## YOUR ASSIGNMENT
The answer should be one number only, namely how many lines of the records hold the word "height".
Segment Start: DATA TO EXAMINE
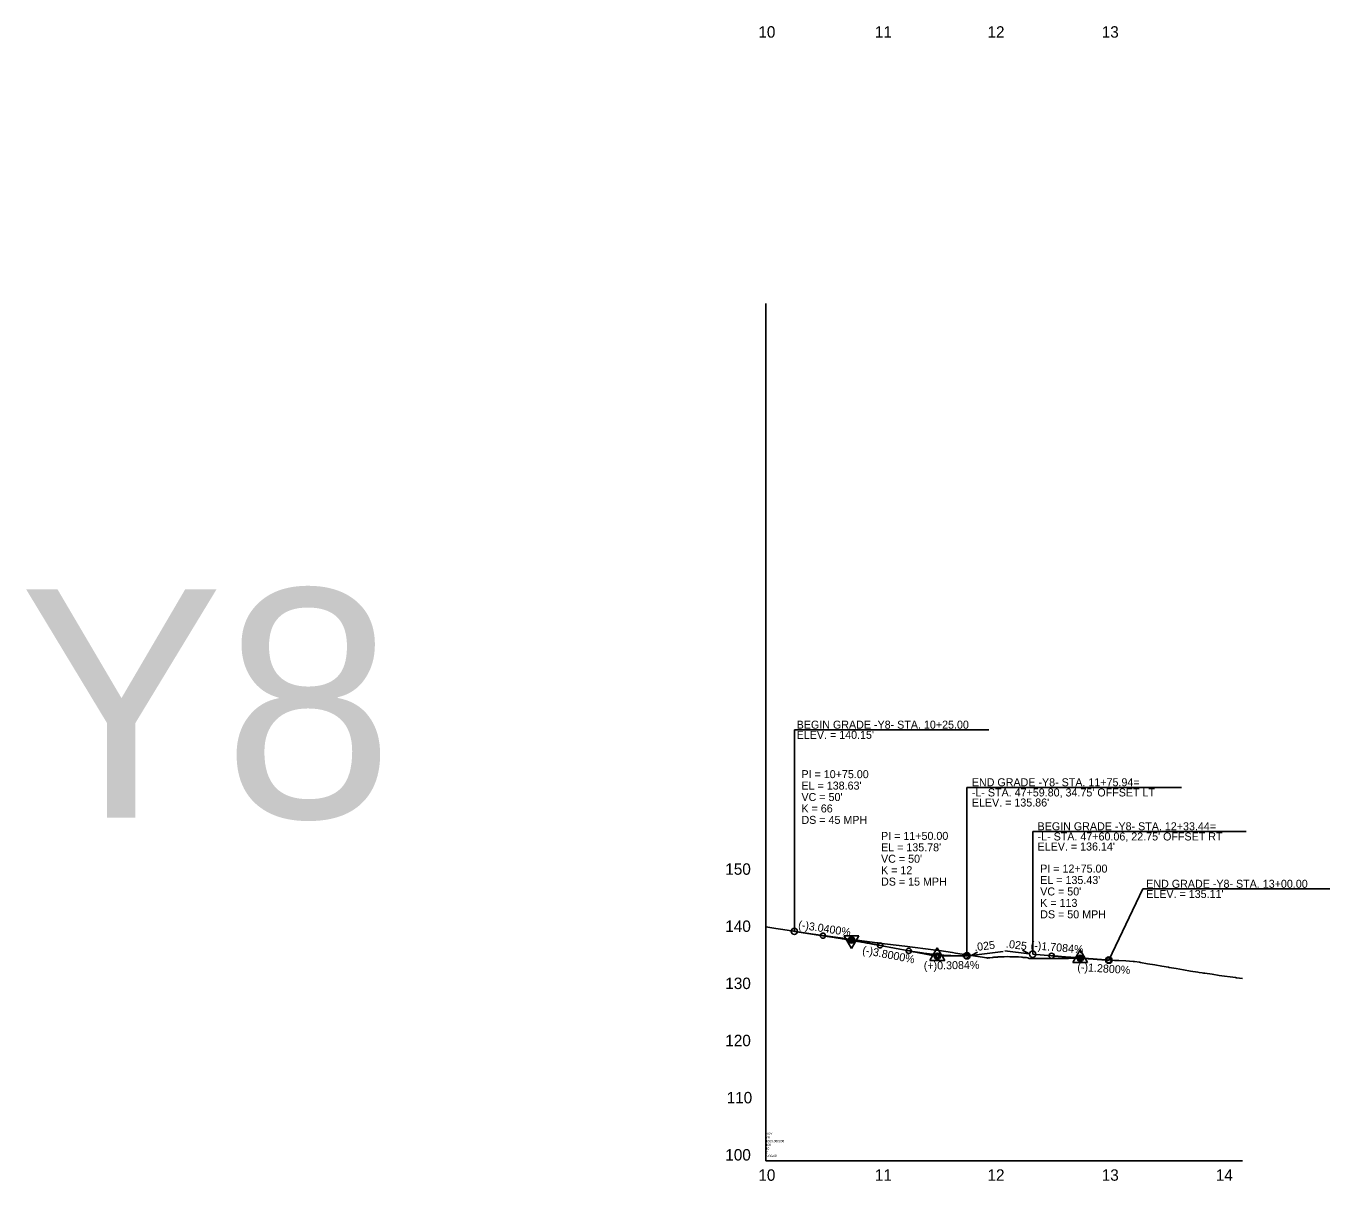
# Model space of a CAD drawing. Extents: x 1778432 to 1784301, y 601022 to 621789.
# Drawn here: x 1779496 to 1780636, y 609022 to 610032 of the extents above; entities that cross this region are included whole.
import ezdxf

# ---------------------------------------------------------------- set-up
doc = ezdxf.new("R2010")
doc.units = 0
for name, color, linetype in [('Exist Profile Cell', 7, 'Continuous'), ('Exist Vertical Profile Ground Line', 7, 'Continuous'), ('Exist Vertical Profile Horizontal Axis Label Major', 7, 'Continuous'), ('Exist Vertical Profile Vertical Axis Label', 7, 'Continuous'), ('Prop PFL Text', 7, 'Continuous'), ('Prop PFL VPI Symbol CELL', 7, 'Continuous'), ('Prop Vertical Profile Curve Label', 7, 'Continuous'), ('Prop Vertical Profile Grade', 7, 'Continuous'), ('Prop Vertical Profile Grade Label', 7, 'Continuous'), ('Prop VPI Label', 7, 'Continuous')]:
    doc.layers.add(name, color=color, linetype=linetype)

msp = doc.modelspace()

# ---------------------------------------------------------------- linework, layer by layer
at = {"layer": 'Exist Profile Cell'}
for q in [(1780143, 609789.2), (1780560, 609039.2), (1780143, 609039.2)]:
    msp.add_line((1780143, 609039.2), q, dxfattribs=at)
at = {"layer": 'Exist Vertical Profile Ground Line'}
msp.add_lwpolyline([(1780143, 609243.7), (1780151.9, 609242.4), (1780155.9, 609241.8), (1780180.6, 609238), (1780181.9, 609237.8), (1780182.3, 609237.8), (1780210.3, 609233.9), (1780211.6, 609233.7), (1780240.4, 609229.8), (1780241.1, 609229.7), (1780242, 609229.6), (1780264.7, 609226.8), (1780291.6, 609223.5), (1780294.5, 609223.2), (1780306.2, 609221.4), (1780309, 609220.9), (1780336.4, 609216.7), (1780336.9, 609216.5), (1780337.6, 609216.6), (1780338.9, 609216.7), (1780341.1, 609217), (1780341.8, 609217.1), (1780342.1, 609217.2), (1780345.1, 609217.4), (1780345.6, 609217.4), (1780346.2, 609217.5), (1780347.4, 609217.7), (1780348.3, 609217.7), (1780349.2, 609217.7), (1780350.4, 609217.7), (1780351, 609217.7), (1780351.4, 609217.7), (1780354.6, 609217.8), (1780356.3, 609217.7), (1780357.7, 609217.6), (1780358.6, 609217.7), (1780360.9, 609217.7), (1780361.6, 609217.7), (1780362.6, 609217.7), (1780363.4, 609217.7), (1780364, 609217.6), (1780366.7, 609217.3), (1780367.2, 609217.3), (1780368.2, 609217), (1780370.6, 609217), (1780370.9, 609216.9), (1780372.3, 609216.8), (1780372.9, 609216.5), (1780373.4, 609216.2), (1780377.9, 609216.1), (1780382.7, 609216.1), (1780389, 609216.2), (1780395.3, 609216.2), (1780401.6, 609216.2), (1780403.3, 609216.2), (1780404.3, 609216.2), (1780407.8, 609216.2), (1780414.1, 609216.3), (1780414.4, 609216.3), (1780419.6, 609216.2), (1780419.9, 609216.2), (1780420.4, 609216.2), (1780426.7, 609215.8), (1780432.9, 609215.4), (1780439.2, 609215), (1780445.5, 609214.6), (1780448.1, 609214.4), (1780451.8, 609214.3), (1780458, 609214), (1780464.3, 609213.6), (1780465.6, 609213.5), (1780469.9, 609212.8), (1780470.6, 609212.7), (1780476.9, 609211.6), (1780483.1, 609210.6), (1780489.4, 609209.5), (1780495.2, 609208.5), (1780495.8, 609208.4), (1780502, 609207.3), (1780508.2, 609206.3), (1780514.5, 609205.2), (1780520.8, 609204.1), (1780521.9, 609203.9), (1780524.7, 609203.5), (1780525.8, 609203.4), (1780527.1, 609203.2), (1780533.3, 609202.3), (1780539.6, 609201.4), (1780553.7, 609199.4), (1780554.7, 609199.3), (1780560, 609198.5)], dxfattribs=at)
at = {"layer": 'Prop PFL VPI Symbol CELL'}
for p, q in [((1780218, 609224.9), (1780211.5, 609236.1)), ((1780224.4, 609236.1), (1780211.5, 609236.1)), ((1780218, 609224.9), (1780224.4, 609236.1)), ((1780293, 609225.6), (1780286.5, 609214.4)), ((1780293, 609225.6), (1780299.5, 609214.4)), ((1780418, 609223.8), (1780411.5, 609212.6)), ((1780418, 609223.8), (1780424.5, 609212.6)), ((1780286.5, 609214.4), (1780299.5, 609214.4)), ((1780411.5, 609212.6), (1780424.5, 609212.6))]:
    msp.add_line(p, q, dxfattribs=at)
for centre, radius in [((1780218, 609232.3), 1.75), ((1780218, 609232.3), 1.2), ((1780293, 609218.1), 1.75), ((1780293, 609218.1), 1.2), ((1780418, 609216.3), 1.75), ((1780418, 609216.3), 1.2)]:
    msp.add_circle(centre, radius, dxfattribs=at)
at = {"layer": 'Prop Vertical Profile Curve Label'}
for centre in [(1780193, 609236.1), (1780243, 609227.6), (1780268, 609222.8), (1780318, 609218.5), (1780393, 609218.5), (1780443, 609214.7)]:
    msp.add_circle(centre, 2.25, dxfattribs=at)
at = {"layer": 'Prop Vertical Profile Grade'}
for p, q in [((1780168, 609239.9), (1780193, 609236.1)), ((1780243, 609227.6), (1780268, 609222.8)), ((1780318, 609218.5), (1780318.9, 609218.5)), ((1780376.4, 609219.9), (1780393, 609218.5))]:
    msp.add_line(p, q, dxfattribs=at)
for points in [[(1780193, 609236.1), (1780194, 609236), (1780195, 609235.8), (1780196, 609235.7), (1780197, 609235.5), (1780198, 609235.4), (1780199, 609235.2), (1780200, 609235.1), (1780201, 609234.9), (1780202, 609234.7), (1780203, 609234.6), (1780204, 609234.4), (1780205, 609234.3), (1780206, 609234.1), (1780207, 609233.9), (1780208, 609233.8), (1780209, 609233.6), (1780210, 609233.4), (1780211, 609233.3), (1780212, 609233.1), (1780213, 609232.9), (1780214, 609232.8), (1780215, 609232.6), (1780216, 609232.4), (1780217, 609232.3), (1780218, 609232.1), (1780219, 609231.9), (1780220, 609231.8), (1780221, 609231.6), (1780222, 609231.4), (1780223, 609231.2), (1780224, 609231.1), (1780225, 609230.9), (1780226, 609230.7), (1780227, 609230.5), (1780228, 609230.4), (1780229, 609230.2), (1780230, 609230), (1780231, 609229.8), (1780232, 609229.6), (1780233, 609229.5), (1780234, 609229.3), (1780235, 609229.1), (1780236, 609228.9), (1780237, 609228.7), (1780238, 609228.5), (1780239, 609228.3), (1780240, 609228.2), (1780241, 609228), (1780242, 609227.8), (1780243, 609227.6)], [(1780268, 609222.8), (1780269, 609222.7), (1780270, 609222.5), (1780271, 609222.3), (1780272, 609222.1), (1780273, 609222), (1780274, 609221.8), (1780275, 609221.6), (1780276, 609221.5), (1780277, 609221.3), (1780278, 609221.2), (1780279, 609221), (1780280, 609220.9), (1780281, 609220.7), (1780282, 609220.6), (1780283, 609220.5), (1780284, 609220.3), (1780285, 609220.2), (1780286, 609220.1), (1780287, 609220), (1780288, 609219.9), (1780289, 609219.8), (1780290, 609219.7), (1780291, 609219.6), (1780292, 609219.5), (1780293, 609219.4), (1780294, 609219.3), (1780295, 609219.2), (1780296, 609219.1), (1780297, 609219.1), (1780298, 609219), (1780299, 609218.9), (1780300, 609218.9), (1780301, 609218.8), (1780302, 609218.8), (1780303, 609218.7), (1780304, 609218.7), (1780305, 609218.6), (1780306, 609218.6), (1780307, 609218.6), (1780308, 609218.5), (1780309, 609218.5), (1780310, 609218.5), (1780311, 609218.5), (1780312, 609218.5), (1780313, 609218.5), (1780314, 609218.5), (1780315, 609218.5), (1780316, 609218.5), (1780317, 609218.5), (1780318, 609218.5)], [(1780393, 609218.5), (1780394, 609218.4), (1780395, 609218.3), (1780396, 609218.2), (1780397, 609218.1), (1780398, 609218.1), (1780399, 609218), (1780400, 609217.9), (1780401, 609217.8), (1780402, 609217.7), (1780403, 609217.6), (1780404, 609217.6), (1780405, 609217.5), (1780406, 609217.4), (1780407, 609217.3), (1780408, 609217.2), (1780409, 609217.2), (1780410, 609217.1), (1780411, 609217), (1780412, 609216.9), (1780413, 609216.9), (1780414, 609216.8), (1780415, 609216.7), (1780416, 609216.6), (1780417, 609216.5), (1780418, 609216.5), (1780419, 609216.4), (1780420, 609216.3), (1780421, 609216.3), (1780422, 609216.2), (1780423, 609216.1), (1780424, 609216), (1780425, 609216), (1780426, 609215.9), (1780427, 609215.8), (1780428, 609215.7), (1780429, 609215.7), (1780430, 609215.6), (1780431, 609215.5), (1780432, 609215.5), (1780433, 609215.4), (1780434, 609215.3), (1780435, 609215.3), (1780436, 609215.2), (1780437, 609215.1), (1780438, 609215.1), (1780439, 609215), (1780440, 609214.9), (1780441, 609214.9), (1780442, 609214.8), (1780443, 609214.7)]]:
    msp.add_spline(points, degree=3, dxfattribs=at)
at = {"layer": 'Prop VPI Label'}
for p, q in [((1780168, 609239.9), (1780168, 609416.2)), ((1780168, 609416.2), (1780338.1, 609416.2)), ((1780318.9, 609218.5), (1780318.9, 609365.7)), ((1780318.9, 609365.7), (1780506.5, 609365.7)), ((1780376.4, 609219.9), (1780376.4, 609327.2)), ((1780376.4, 609327.2), (1780563, 609327.2)), ((1780443, 609214.7), (1780472.7, 609277)), ((1780472.7, 609277), (1780636.4, 609277)), ((1780193, 609236.1), (1780215.2, 609232.8)), ((1780243, 609227.6), (1780220.7, 609231.8)), ((1780268, 609222.8), (1780290.3, 609218.6)), ((1780322.5, 609218.7), (1780350.5, 609222.2)), ((1780322.5, 609218.7), (1780328.2, 609221.8)), ((1780373.2, 609220.2), (1780352, 609222.9)), ((1780373.2, 609220.2), (1780367.5, 609223.4)), ((1780318, 609218.5), (1780295.7, 609218.1)), ((1780393, 609218.5), (1780415.2, 609216.6)), ((1780443, 609214.7), (1780420.7, 609216.2))]:
    msp.add_line(p, q, dxfattribs=at)
for centre in [(1780168, 609239.9), (1780218, 609232.3), (1780318.9, 609218.5), (1780376.4, 609219.9), (1780293, 609218.1), (1780418, 609216.3), (1780443, 609214.7)]:
    msp.add_circle(centre, 2.75, dxfattribs=at)

# ---------------------------------------------------------------- texts
at = {"layer": 'Exist Profile Cell'}
for s, p in [('RDY', (1780143, 609061.9)), ('Y8', (1780143, 609058.7)), ('1000.000000', (1780143, 609055.4)), ('100', (1780143, 609052.2)), ('10', (1780143, 609048.9)), ('2', (1780143, 609045.7)), ('NOGAP', (1780143, 609042.4))]:
    msp.add_text(s, height=2, dxfattribs=at).set_placement(p)
at = {"layer": 'Exist Vertical Profile Horizontal Axis Label Major'}
for s, p in [('10', (1780136.5, 610021.7)), ('11', (1780238.4, 610021.7)), ('12', (1780336.9, 610021.7)), ('13', (1780436.8, 610021.7)), ('10', (1780136.5, 609021.7)), ('11', (1780238.4, 609021.7)), ('12', (1780336.9, 609021.7)), ('13', (1780436.8, 609021.7)), ('14', (1780536.6, 609021.7))]:
    msp.add_text(s, height=10, dxfattribs=at).set_placement(p)
at = {"layer": 'Exist Vertical Profile Vertical Axis Label'}
for s, p in [('150', (1780107.6, 609289.4)), ('140', (1780107.6, 609239.4)), ('130', (1780107.6, 609189.4)), ('120', (1780107.6, 609139.4)), ('110', (1780108.8, 609089.4)), ('100', (1780107.6, 609039.4))]:
    msp.add_text(s, height=10, dxfattribs=at).set_placement(p)
at = {"layer": 'Prop PFL Text'}
msp.add_text('Y8', height=200, dxfattribs=at).set_placement((1779490.2, 609339.2))
at = {"layer": 'Prop Vertical Profile Curve Label'}
for s, p in [("VC = 50'", (1780174.2, 609353.9)), ('K = 66', (1780174.2, 609343.9)), ('DS = 45 MPH', (1780174.2, 609333.9)), ("VC = 50'", (1780243.8, 609299.9)), ('K = 12', (1780243.8, 609289.9)), ('DS = 15 MPH', (1780243.8, 609279.9)), ("VC = 50'", (1780383, 609271.3)), ('K = 113', (1780383, 609261.3)), ('DS = 50 MPH', (1780383, 609251.3))]:
    msp.add_text(s, height=7, dxfattribs=at).set_placement(p)
at = {"layer": 'Prop Vertical Profile Grade Label'}
for s, rotation, p in [('(-)3.0400%', 351.3634, (1780171, 609242.5)), ('(-)3.8000%', 349.2501, (1780227, 609220.4)), ('.025', 7.125, (1780325.7, 609222.5)), ('.025', 352.875, (1780352.8, 609225.7)), ('(-)1.7084%', 355.1083, (1780374.4, 609224.4)), ('(+)0.3084%', 0.8594, (1780281.2, 609206.4)), ('(-)1.2800%', 356.3675, (1780415.3, 609205.4))]:
    msp.add_text(s, height=7, rotation=rotation, dxfattribs=at).set_placement(p)
at = {"layer": 'Prop VPI Label'}
for s, p in [('BEGIN GRADE -Y8- STA. 10+25.00', (1780170, 609417.2)), ("ELEV. = 140.15'", (1780170, 609408.3)), ('PI = 10+75.00', (1780174.2, 609373.9)), ("EL = 138.63'", (1780174.2, 609363.9)), ('END GRADE -Y8- STA. 11+75.94=', (1780323.2, 609366.8)), ("-L- STA. 47+59.80, 34.75' OFFSET LT", (1780323.2, 609357.9)), ("ELEV. = 135.86'", (1780323.2, 609349.1)), ('BEGIN GRADE -Y8- STA. 12+33.44=', (1780380.7, 609328.3)), ('PI = 11+50.00', (1780243.8, 609319.9)), ("-L- STA. 47+60.06, 22.75' OFFSET RT", (1780380.7, 609319.4)), ("EL = 135.78'", (1780243.8, 609309.9)), ("ELEV. = 136.14'", (1780380.7, 609310.6)), ('PI = 12+75.00', (1780383, 609291.3)), ("EL = 135.43'", (1780383, 609281.3)), ('END GRADE -Y8- STA. 13+00.00', (1780475.7, 609278)), ("ELEV. = 135.11'", (1780475.7, 609269.1))]:
    msp.add_text(s, height=7, dxfattribs=at).set_placement(p)

doc.saveas('drawing.dxf')
Segment End: DATA TO EXAMINE
## COMPLETED EXERCISE
7